In union circles, the story is already legendary: lady trucker joins the Teamsters, the largest, most powerful—and rotten— trade union on the planet. She decides to fight the corrupt union brass, despite profound personal tragedy and repeated threats against her life. In 1991, against all odds, she is elected to the Teamsters’ international executive board, the first woman to win such a post. TV is made for heroic tales like this, and Diana Kilmury: Teamster, airing on March 17 on the CBC, is a compelling, factbased drama that practically vibrates with Kilmury’s raw personal courage and determination. But director Sturla Gunnarsson (The Diary of Evelyn Lau, Final Offer) has avoided the temptation to create an icon. B.C.-born actor Barbara Williams delivers a terrific performance that reveals Kilmury for what she is: a straight-talking, tough-minded woman who gives as good as she gets. When a hostile Teamster threatens to tinker with the brakes on Kilmury’s gigantic dump truck, she turns on him with Amazonian fury. “You mess with my machine,” she snarls, “and you’ll have a scar that goes well below your belt.”
Although she was born in Montreal and raised in Vancouver, where she still lives,
Kilmury, 49, is better known in the United States than in Canada. This production, written by a team including film-maker Anne Wheeler, may help rectify that. Even before the action moves to the hurly-burly of union politics, Kilmury commands respect—from the early shots of the character working on a dangerous construction site to homey moments of mother-son domesticity.
Later, when a recently elected union reformer needs money to battle the entrenched leaders, she is the first to toss her $100 into a hat. “If he’s nobody, we’re nobody,” she says curtly as she strides from a roomful of silent, stunned men.
And therein lies the principal strength of the production. Kilmury, a doctor’s daughter who left home at 14 because of her father’s ferocious beatings, is an eloquent speaker with a talent for recounting dramatic events in unembellished detail. The film-makers interviewed her extensively and used her words for Williams’s voice-overs. Kilmury demolishes Teamster bosses and inspires her reform-minded colleagues. And there
The story of Teamster Diana Kilmury is great drama
are a few ironic asides on romance. At various times, she dated an ironworker, an operating engineer and a pipefitter. “For awhile, I thought I’d work my way through the entire building trades,” she says wryly.
The most powerful sequence is at the core of both the film and Kilmury’s life. In 1978, while driving home for Christmas through a snowstorm, Kilmury and her son, Sean, then 9, were horribly injured after they smashed into a tow truck on a blind corner.
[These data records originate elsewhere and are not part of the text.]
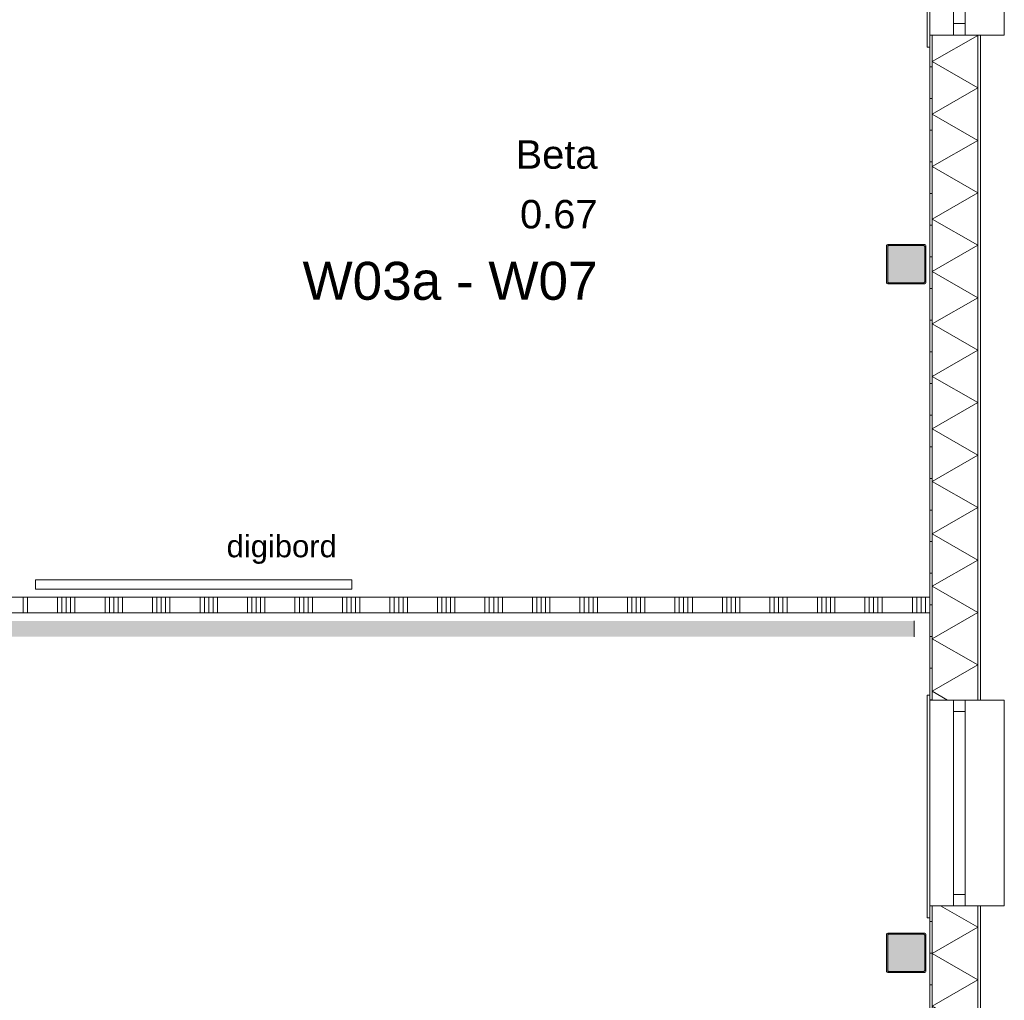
# Model space of a CAD drawing. Header units: millimetres. Extents: x -850 to 154668, y -80411 to 71019.
# Tile 234 of 236: x 93361 to 99580, y 17103 to 23297. Entities that reach past the tile are written whole.
import ezdxf
from ezdxf.enums import TextEntityAlignment as Align

# ---------------------------------------------------------------- set-up
doc = ezdxf.new("R2010")
doc.units = ezdxf.units.MM
doc.header["$MEASUREMENT"] = 0
for name, color, linetype in [('New_21 Buitenwanden', 7, 'Continuous'), ('New_21 Buitenwanden Doorsnede-arcering', 7, 'Continuous'), ('New_21 Buitenwanden Laagscheidingslijnen', 7, 'Continuous'), ('New_21 Buitenwanden Ramen', 7, 'Continuous'), ('New_22 NC Binnenwanden', 7, 'Continuous'), ('New_22 NC Binnenwanden Doorsnede-arcering', 7, 'Continuous'), ('New_23 Vloeren', 7, 'Continuous'), ('New_72 Vaste Inrichting', 7, 'Continuous'), ('New_info tekst digiborden', 7, 'Continuous'), ('New_Info Wandafwerking aanduiding', 7, 'Continuous'), ('New_Info Wandafwerking aanduiding Doorsnede-arcering', 7, 'Continuous'), ('New_Z Ruimtefuncties', 7, 'Continuous'), ('New_Z Ruimtefuncties Zone omranding', 7, 'Continuous'), ('New_Z Ruimtefuncties Zone tekst', 7, 'Continuous'), ('S-COLS-____-OTLN.RVT S', 7, 'Continuous'), ('S-COLS-____-OTLN.RVT S 2D arcering', 7, 'Continuous')]:
    doc.layers.add(name, color=color, linetype=linetype)
doc.styles.add('GENERATED_STYLE_1', font='arial.ttf')
doc.styles.add('GENERATED_STYLE_2', font='arial.ttf')
pattern_1 = [(180, (0, 0), (0, 200), [])]

# ---------------------------------------------------------------- blocks, each defined once
blk = doc.blocks.new('Slab_1_1', base_point=(0, 17060))
at = {"layer": 'New_23 Vloeren', "color": 7, "linetype": 'Continuous', "lineweight": 0, "flags": 128}
blk.add_lwpolyline([(0, 17060), (25600, 17060), (25600, 17539.8), (30060, 17539.8), (30060, 0), (44257.3, 0), (99110, 0), (99110, 26125), (78570.2, 26125), (78570.2, 30220), (61804.1, 30220), (61804.1, 33195.8), (50070.2, 33195.8), (50070.2, 36555.1), (42600, 36555.1), (42600, 38994.9), (31200.9, 38994.9), (31200.9, 49880), (25600, 49880), (25600, 70460), (0, 70460)], close=True, dxfattribs=at)
blk = doc.blocks.new('*X672')
at = {"layer": 'New_21 Buitenwanden Doorsnede-arcering', "linetype": 'Continuous', "lineweight": 0, "true_color": 0xe9ebeb}
for points in [[(99412.1, 17699.5), (99412.1, 17695), (99412.2, 17695), (99412.2, 17699.5)], [(99412.2, 17545), (99412.1, 17545), (99412.1, 17395), (99412.2, 17395)], [(99412.2, 17245), (99412.1, 17245), (99412.1, 17095), (99412.2, 17095)], [(99412.2, 16945), (99412.1, 16945), (99412.1, 16795), (99412.2, 16795)], [(99412.1, 16645), (99412.1, 16499.5), (99412.2, 16499.5), (99412.2, 16645)]]:
    blk.add_hatch(color=254, dxfattribs=at).paths.add_polyline_path(points)
blk = doc.blocks.new('*X673')
at = {"layer": 'New_21 Buitenwanden Doorsnede-arcering', "linetype": 'Continuous', "lineweight": 0, "true_color": 0xe9ebeb}
for points in [[(99412.1, 23095), (99412.2, 23095), (99412.2, 23199.5), (99412.1, 23199.5)], [(99412.2, 22945), (99412.1, 22945), (99412.1, 22795), (99412.2, 22795)], [(99412.2, 22645), (99412.1, 22645), (99412.1, 22495), (99412.2, 22495)], [(99412.2, 22345), (99412.1, 22345), (99412.1, 22195), (99412.2, 22195)], [(99412.2, 22045), (99412.1, 22045), (99412.1, 21895), (99412.2, 21895)], [(99412.2, 21745), (99412.1, 21745), (99412.1, 21595), (99412.2, 21595)], [(99412.2, 21445), (99412.1, 21445), (99412.1, 21295), (99412.2, 21295)], [(99412.2, 21145), (99412.1, 21145), (99412.1, 20995), (99412.2, 20995)], [(99412.2, 20845), (99412.1, 20845), (99412.1, 20695), (99412.2, 20695)], [(99412.2, 20545), (99412.1, 20545), (99412.1, 20395), (99412.2, 20395)], [(99412.2, 20245), (99412.1, 20245), (99412.1, 20095), (99412.2, 20095)], [(99412.2, 19945), (99412.1, 19945), (99412.1, 19795), (99412.2, 19795)], [(99412.2, 19645), (99412.1, 19645), (99412.1, 19495), (99412.2, 19495)], [(99412.2, 19345), (99412.1, 19345), (99412.1, 19195), (99412.2, 19195)], [(99412.2, 19045), (99412.1, 19045), (99412.1, 18999.5), (99412.2, 18999.5)]]:
    blk.add_hatch(color=254, dxfattribs=at).paths.add_polyline_path(points)
blk = doc.blocks.new('*X679')
at = {"layer": 'New_21 Buitenwanden Doorsnede-arcering', "linetype": 'Continuous', "lineweight": 0, "true_color": 0xe9ebeb}
for points in [[(99125, 23095), (99125.1, 23095), (99125.1, 23199.5), (99125, 23199.5)], [(99125.1, 22945), (99125, 22945), (99125, 22795), (99125.1, 22795)], [(99125.1, 22645), (99125, 22645), (99125, 22495), (99125.1, 22495)], [(99125.1, 22345), (99125, 22345), (99125, 22195), (99125.1, 22195)], [(99125.1, 22045), (99125, 22045), (99125, 21895), (99125.1, 21895)], [(99125.1, 21745), (99125, 21745), (99125, 21595), (99125.1, 21595)], [(99125.1, 21445), (99125, 21445), (99125, 21295), (99125.1, 21295)], [(99125.1, 21145), (99125, 21145), (99125, 20995), (99125.1, 20995)], [(99125.1, 20845), (99125, 20845), (99125, 20695), (99125.1, 20695)], [(99125.1, 20545), (99125, 20545), (99125, 20395), (99125.1, 20395)], [(99125.1, 20245), (99125, 20245), (99125, 20095), (99125.1, 20095)], [(99125.1, 19945), (99125, 19945), (99125, 19795), (99125.1, 19795)], [(99125.1, 19645), (99125, 19645), (99125, 19495), (99125.1, 19495)], [(99125.1, 19345), (99125, 19345), (99125, 19195), (99125.1, 19195)], [(99125.1, 19045), (99125, 19045), (99125, 18999.5), (99125.1, 18999.5)]]:
    blk.add_hatch(color=254, dxfattribs=at).paths.add_polyline_path(points)
blk = doc.blocks.new('*X681')
at = {"layer": 'New_21 Buitenwanden Doorsnede-arcering', "linetype": 'Continuous', "lineweight": 0, "true_color": 0xe9ebeb}
for points in [[(99125, 17695), (99125.1, 17695), (99125.1, 17699.5), (99125, 17699.5)], [(99125.1, 17545), (99125, 17545), (99125, 17395), (99125.1, 17395)], [(99125.1, 17245), (99125, 17245), (99125, 17095), (99125.1, 17095)], [(99125.1, 16945), (99125, 16945), (99125, 16795), (99125.1, 16795)], [(99125.1, 16645), (99125, 16645), (99125, 16499.5), (99125.1, 16499.5)]]:
    blk.add_hatch(color=254, dxfattribs=at).paths.add_polyline_path(points)
blk = doc.blocks.new('*X688')
at = {"layer": 'New_21 Buitenwanden Doorsnede-arcering', "color": 254, "linetype": 'Continuous', "lineweight": 0, "true_color": 0xe9ebeb}
for p, q in [((99412.1, 17564.1), (99177.6, 17699.5)), ((99412.1, 17564.1), (99125.1, 17398.5)), ((99412.1, 17232.8), (99125.1, 17398.5)), ((99412.1, 17232.8), (99125.1, 17067.1)), ((99412.1, 16901.4), (99125.1, 17067.1)), ((99412.1, 16901.4), (99125.1, 16735.7)), ((99412.1, 16570), (99125.1, 16735.7)), ((99412.1, 16570), (99290.1, 16499.5))]:
    blk.add_line(p, q, dxfattribs=at)
blk = doc.blocks.new('*X689')
at = {"layer": 'New_21 Buitenwanden Doorsnede-arcering', "color": 254, "linetype": 'Continuous', "lineweight": 0, "true_color": 0xe9ebeb}
for p, q in [((99412.1, 23197.9), (99125.1, 23032.2)), ((99412.1, 23197.9), (99409.3, 23199.5)), ((99412.1, 22866.5), (99125.1, 23032.2)), ((99412.1, 22866.5), (99125.1, 22700.8)), ((99412.1, 22535.1), (99125.1, 22700.8)), ((99412.1, 22535.1), (99125.1, 22369.4)), ((99412.1, 22203.7), (99125.1, 22369.4)), ((99412.1, 22203.7), (99125.1, 22038)), ((99412.1, 21872.3), (99125.1, 22038)), ((99412.1, 21872.3), (99125.1, 21706.6)), ((99412.1, 21540.9), (99125.1, 21706.6)), ((99412.1, 21540.9), (99125.1, 21375.2)), ((99412.1, 21209.5), (99125.1, 21375.2)), ((99412.1, 21209.5), (99125.1, 21043.8)), ((99412.1, 20878.1), (99125.1, 21043.8)), ((99412.1, 20878.1), (99125.1, 20712.4)), ((99412.1, 20546.7), (99125.1, 20712.4)), ((99412.1, 20546.7), (99125.1, 20381)), ((99412.1, 20215.3), (99125.1, 20381)), ((99412.1, 20215.3), (99125.1, 20049.6)), ((99412.1, 19883.9), (99125.1, 20049.6)), ((99412.1, 19883.9), (99125.1, 19718.2)), ((99412.1, 19552.5), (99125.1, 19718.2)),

One of Kilmury’s legs was shattered, and Sean suffered permanent brain damage. The hospital scenes in which Sean moans and flails in agony are wrenching— and mercifully brief. Unbelievably, union officials decided to punish Kilmury for her reformist activities by refusing to pay longterm disability benefits. In the film, Kilmury calls it the “most evil assault on my wellbeing, ever,” and it is clear that it marked a turning point. “I swear, I will not rest,” she says later through gritted teeth, “until I see every officer responsible removed, permanently.” And when, after 13 more years of relentless work with the reform group Teamsters for a Democratic Union, she pulls off the near impossible by taking a seat on the executive board of the 1.5-millionmember union (a position she still holds), her exhilaration is infectious. Reflecting on how it felt to enter the famous marbletrimmed Teamster headquarters in Washington, Kilmury sums it up with characteristic pithiness: “My God, we did this,” she says. “We own the joint.”
Diana Kilmury: Teamster is an unusually successful blending of the public and private aspects of one turbulent life. But Gunnarsson says the process of weaving the two together was not easy. Kilmury’s experiences during the period of the film, 1978 to 1992, unfold against the backdrop of a racketeering suit launched by the U.S. government against Teamster officials. But rather than focus on the complexity of the legal wrangling and union politics, Gunnarsson sticks to Kilmury’s point of view. ‘We tried to construct it as a personal journey—it’s a 14-year road trip,” he says.
That decision presented its own problems. Kilmury describes herself as “intensely private,” and both she and Gunnarsson admit that they battled over the inclusion of some personal details. But Gunnarsson emphasizes that he retained full editorial control. He is less sure, however, about what to call the blend of fact and dramatized history that has become his trademark. “Distilled realism?” he suggests. Whatever the label, in this case the technique has created a tale of extraordinary commitment to political change. And its portrayal of a hard-headed single mother gives heroism a new—and unforgettable—face.